JAKARTA (BOS)–Dalam waktu dekat Kejaksaan Agung akan mengeluarkan Surat Perintah Penyidikan (Sprindik) baru kasus dugaan korupsi restitusi pajak PT Mobile8 Telecom.
“Saat ini kasus itu masih berproses,” kata Jaksa Agung Muda Tindak Pidana Khusus (JAM Pidsus), Arminsyah di Jakarta, Rabu malam.
Arminsyah menegaskan, Sprindik baru yang akan dikeluarkan tersebut, ditujukan untuk dua tersangka yakni Komisaris PT Bhakti Investama Hary Djaja dan mantan Direktur Mobile8 Telecom Anthony Candra.
Selain itu, Arminsyah menambahkan, penanganan kasus yang menjerat 2 orang sebagai tersangka, bukanlah kasus Pajak, namun murni kasus pidana (Korupsi). Alasannya, dalam penyidikan, pihaknya menemukan adanya kerugian negara yang mencapai puluhan Miliar terkait pembayaran restitusi pajak perusahaan tersebut.

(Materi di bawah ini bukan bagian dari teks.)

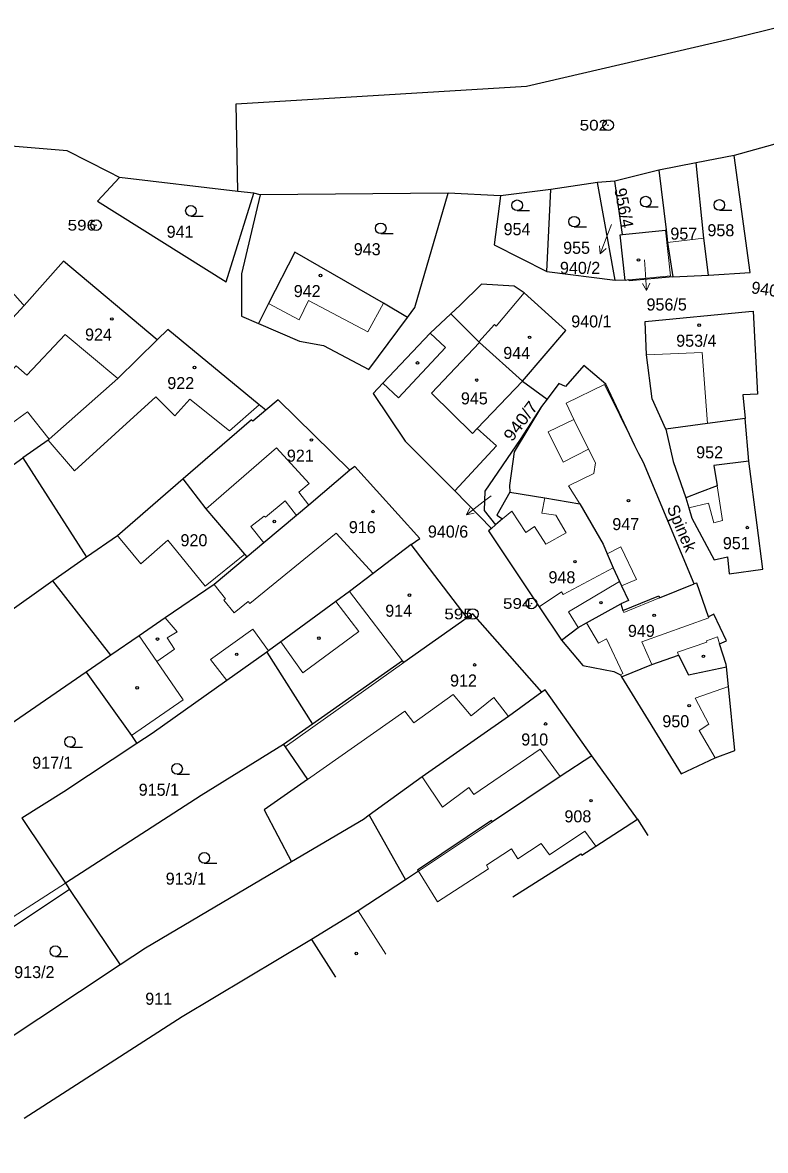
# Model space of a CAD drawing. Extents: x -546984 to -546090, y -1194931 to -1194069.
# Drawn here: x -546863 to -546758.1, y -1194927.6 to -1194768.4 of the extents above; entities that cross this region are included whole.
import ezdxf
from ezdxf.enums import TextEntityAlignment as Align

# ---------------------------------------------------------------- set-up
doc = ezdxf.new("R2010")
doc.units = 0
doc.header["$LTSCALE"] = 0.68
for name, color, linetype, lineweight in [('1', 7, 'Continuous', 25), ('3', 7, 'Continuous', 25), ('4', 7, 'Continuous', 13), ('5', 7, 'Continuous', 25), ('7', 7, 'Continuous', 13), ('8', 7, 'Continuous', 25)]:
    doc.layers.add(name, color=color, linetype=linetype, lineweight=lineweight)
doc.layers.add('2', color=7, linetype='Continuous')

msp = doc.modelspace()

# ---------------------------------------------------------------- linework, layer by layer
at = {"layer": '1'}
for p, q in [((-546755.97, -1194785.28), (-546762.54, -1194787.1)), ((-546762.54, -1194787.1), (-546767.93, -1194788.16)), ((-546767.93, -1194788.16), (-546773.17, -1194789.19)), ((-546832.61, -1194792.18), (-546849.31, -1194790.22)), ((-546773.17, -1194789.19), (-546779.39, -1194790.74)), ((-546773.17, -1194789.19), (-546772.15, -1194797.63)), ((-546788.43, -1194791.94), (-546795.55, -1194792.82)), ((-546781.84, -1194790.92), (-546788.43, -1194791.94)), ((-546779.39, -1194790.74), (-546781.84, -1194790.92)), ((-546778.31, -1194798.29), (-546779.39, -1194790.74)), ((-546830.33, -1194792.45), (-546832.61, -1194792.18)), ((-546829.44, -1194792.66), (-546830.33, -1194792.45)), ((-546802.9, -1194792.46), (-546829.44, -1194792.66)), ((-546795.55, -1194792.82), (-546802.9, -1194792.46)), ((-546777.95, -1194804.75), (-546779.34, -1194804.71)), ((-546802.53, -1194809.46), (-546805.47, -1194812.18)), ((-546802.53, -1194809.46), (-546798.6, -1194813.43)), ((-546792.4, -1194818.96), (-546788.96, -1194821.51)), ((-546788.96, -1194821.51), (-546789.75, -1194822.57)), ((-546760.49, -1194830.28), (-546761.02, -1194824.23)), ((-546867.38, -1194832.99), (-546862.93, -1194829.81)), ((-546862.93, -1194829.81), (-546853.94, -1194843.83)), ((-546796.8, -1194839.78), (-546801.99, -1194834.44)), ((-546796.21, -1194839.25), (-546796.8, -1194839.78)), ((-546800.21, -1194852.39), (-546808.15, -1194842.06)), ((-546853.94, -1194843.83), (-546858.71, -1194847.16)), ((-546850.52, -1194857.67), (-546858.71, -1194847.16)), ((-546828.49, -1194857.22), (-546822.07, -1194867.39)), ((-546776.18, -1194880.82), (-546782.63, -1194871.87)), ((-546814.06, -1194880.27), (-546808.94, -1194889.38)), ((-546776.18, -1194880.82), (-546774.727, -1194883.117)), ((-546856.33, -1194890.73), (-546871.76, -1194900.97)), ((-546822.18, -1194897.8), (-546818.797, -1194903.122))]:
    msp.add_line(p, q, dxfattribs=at)
for points in [[(-546832.61, -1194792.18), (-546832.81, -1194779.81), (-546791.87, -1194777.31), (-546762.86, -1194770.59), (-546745.98, -1194766.47), (-546719.75, -1194757.14), (-546687.4, -1194741.31)], [(-546849.31, -1194790.22), (-546850.76, -1194789.48), (-546856.66, -1194786.46), (-546871.93, -1194785.19), (-546918.16, -1194778.78)], [(-546766.16, -1194804), (-546760.3, -1194803.64), (-546762.54, -1194787.1)], [(-546766.16, -1194804), (-546766.81, -1194798.79), (-546767.93, -1194788.16)], [(-546849.31, -1194790.22), (-546852.41, -1194793.59), (-546834.25, -1194804.94), (-546830.33, -1194792.45)], [(-546795.55, -1194792.82), (-546796.44, -1194799.72), (-546788.97, -1194803.49), (-546788.43, -1194791.94)], [(-546788.97, -1194803.49), (-546779.34, -1194804.71), (-546781.84, -1194790.92)], [(-546829.44, -1194792.66), (-546832.06, -1194803.82), (-546832.1, -1194809.78), (-546829.7, -1194810.82)], [(-546808.65, -1194809.98), (-546807.6, -1194808.57), (-546802.9, -1194792.46)], [(-546862.75, -1194808.31), (-546862.92, -1194808.13), (-546872.08, -1194797.92), (-546876.44, -1194801.8)], [(-546777.95, -1194804.75), (-546778.64, -1194798.33), (-546778.31, -1194798.29)], [(-546778.31, -1194798.29), (-546772.22, -1194797.64), (-546772.15, -1194797.63)], [(-546772.15, -1194797.63), (-546771.94, -1194799.41), (-546771.19, -1194804.27), (-546766.16, -1194804)], [(-546808.65, -1194809.98), (-546812.03, -1194807.95), (-546824.55, -1194800.78), (-546828.26, -1194808.01), (-546829.7, -1194810.82)], [(-546843.98, -1194813.13), (-546857.22, -1194802.02), (-546862.75, -1194808.31)], [(-546771.19, -1194804.27), (-546777.38, -1194804.8), (-546777.4, -1194804.69), (-546777.95, -1194804.75)], [(-546792.4, -1194818.96), (-546786.33, -1194811.81), (-546792.2, -1194806.49), (-546793.59, -1194805.57), (-546798.19, -1194805.3), (-546801.22, -1194808.24), (-546802.53, -1194809.46)], [(-546862.75, -1194808.31), (-546867.13, -1194812.99), (-546867.26, -1194812.84), (-546871.25, -1194816.74), (-546871.41, -1194816.9), (-546875.33, -1194820), (-546879.29, -1194822.85)], [(-546772.21, -1194825.77), (-546774.14, -1194821.46), (-546774.91, -1194815.24), (-546775.12, -1194810.54), (-546760.49, -1194809.16), (-546759.89, -1194809.1), (-546759.26, -1194820.81), (-546761.32, -1194820.89), (-546761.02, -1194824.23)], [(-546829.7, -1194810.82), (-546823.91, -1194813.32), (-546820.49, -1194813.94), (-546814.11, -1194817.33), (-546808.65, -1194809.98)], [(-546828.64, -1194823.09), (-546829.58, -1194822.32), (-546842.47, -1194811.67), (-546843.98, -1194813.13)], [(-546805.47, -1194812.18), (-546812.12, -1194819.27), (-546813.48, -1194820.73), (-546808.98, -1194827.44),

Pendapat senada juga dilontarkan, Jaksa Agung HM Prasetyo menyatakan perkara PT Mobile8 Telecom bukanlah kasus pajak, melainkan murni tindak pidana korupsi, sehingga akan menerbitkan kembali surat perintah penyidikan (sprindik) kasus tersebut.
“Kejaksaan Agung bukan menangani kasus pajak,” kata Jaksa Agung HM Prasetyo di Jakarta, Jumat yang silam.
Dilain pihak, kubu PT MOBIL 8, melalui kuasa hukumnya Hotman Paris Hutapea diberbagai media massa menegaskan kasus tersebut murni kasus Pajak. Artinya, Kejagung tidak berhak menanggani kasus tersebut.
Seperti diketahui, dalam sidang praperadilan, hakim tunggal Pengadilan Negeri Jakarta Selatan yang menangani kasus tersebut mengabulkan permohonan pihak pemohon.
Dalam putusan praperadilan itu, hakim tunggal memerintahkan untuk menghentikan penyidikan kasus itu karena kasusnya lebih mengarah ke penyidik pajak.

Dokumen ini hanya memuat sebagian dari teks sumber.